The court ruled that every person, however well known, must be able to enjoy a legitimate hope for the protection of his or her private life.

And the UK courts have been busy expanding on those rights. In the case of cuckold husband who wanted to sell the story of his wife’s infidelity to the media, the judge ruled that the betrayed husband might owe a duty of confidence to the adulterer and the adulterer’s family not to tell anyone about it!

Lawyers are warning the media that the goalposts have now been moved permanently on the privacy issue. The courts will now consider whether a person has a reasonable expectation of privacy when it comes to information given out by friends, colleagues and employees and whether there is any real serious public need for that information to be made public.

It brings into question, therefore, whether the Daily Mirror newspaper had invaded model Kate Moss’ privacy last year when it ran pictures of her taken in a nightclub allegedly snorting cocaine. It was her personal, private life, even though it took place in a public place. Would the fact she was allegedly taking narcotics be in the public interest or is that her own private business?
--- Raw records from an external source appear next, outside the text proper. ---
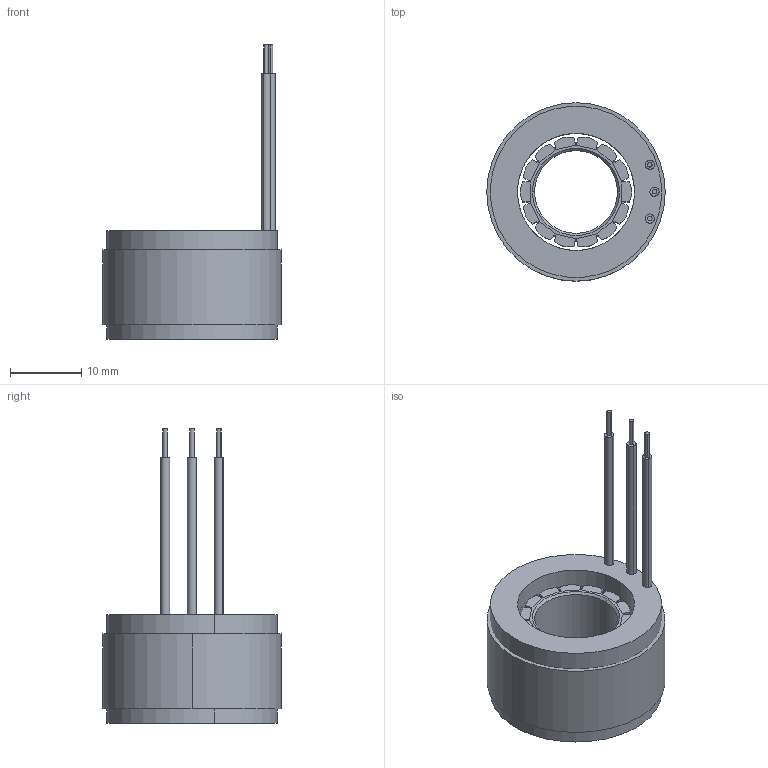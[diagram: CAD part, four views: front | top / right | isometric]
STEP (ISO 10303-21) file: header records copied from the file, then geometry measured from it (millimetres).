
FILE_DESCRIPTION (( 'STEP AP203' ), '1' );
FILE_NAME ('2515µç»ú - ÐÂ.STEP', '2025-02-18T02:58:42', ( '' ), ( '' ), 'SwSTEP 2.0', 'SolidWorks 2023', '' );
FILE_SCHEMA (( 'CONFIG_CONTROL_DESIGN' ));
Length unit declared in the file: millimetre
Products named in the file (1): 2515电机 - 新
Bounding box: 25 x 25 x 41.2 mm (x, y, z)
Surface area: 5460.2 mm2 (no closed solid volume)
Topology: 0 solids, 21 shells, 105 faces, 556 edges, 468 vertices
Faces by surface type: plane 70, cylinder 31, cone 4
Entity records: 5573 total; most frequent: CARTESIAN_POINT 1130, DIRECTION 948, ORIENTED_EDGE 710, EDGE_CURVE 556, VERTEX_POINT 468, VECTOR 376, LINE 376, AXIS2_PLACEMENT_3D 286

What is worrying many editors now is that the courts are creating privacy law, rather than Parliament where editors believe this should really be handled. Paul Dacre, the Daily Mail editor, said in a speech last week that caught a lot of media attention, “Britain’s judges – whose dislike of much of the media should not be underestimated – are itching to bring in a Privacy Law by the back door. Under the Human Rights Act we are witnessing the development, at a frightening pace, of an aggressive judge-made privacy law over which Parliament has no control."

Caroline
She started it all

He said he could hardly believe “that a cuckolded husband didn’t have the right to speak about his wife’s adultery, that a paper would be banned from referring to royal indiscretions contained in a round-robin journal distributed to scores of people (Prince Charles sued the Mail and won on that issue) and that the media cannot reveal the identity of a Labor ex-Education Minister who sends her child to private school.”

David Price, a media lawyer, told the Independent newspaper he thought Dacre was spot-on. “What we are seeing is that the law has tilted very much in favor of protection of privacy at the inevitable expense of freedom of expression.

“That has all arisen from the decisions of judges interpreting a very general rights-based convention and placing considerable reliance on what is going on in the European Court of Human Rights in Strasbourg…Ultimately it is the public who are being deprived of reading this material.”

None of this exactly good news to tabloid newspapers in particular, that are doing everything they can to come up with the “dirt” to regain the millions of readers who have deserted them in past years. It looks like they’re going to have to be happy exposing the likes of you and me, and not celebrities and politicians and all those others we really want to read about.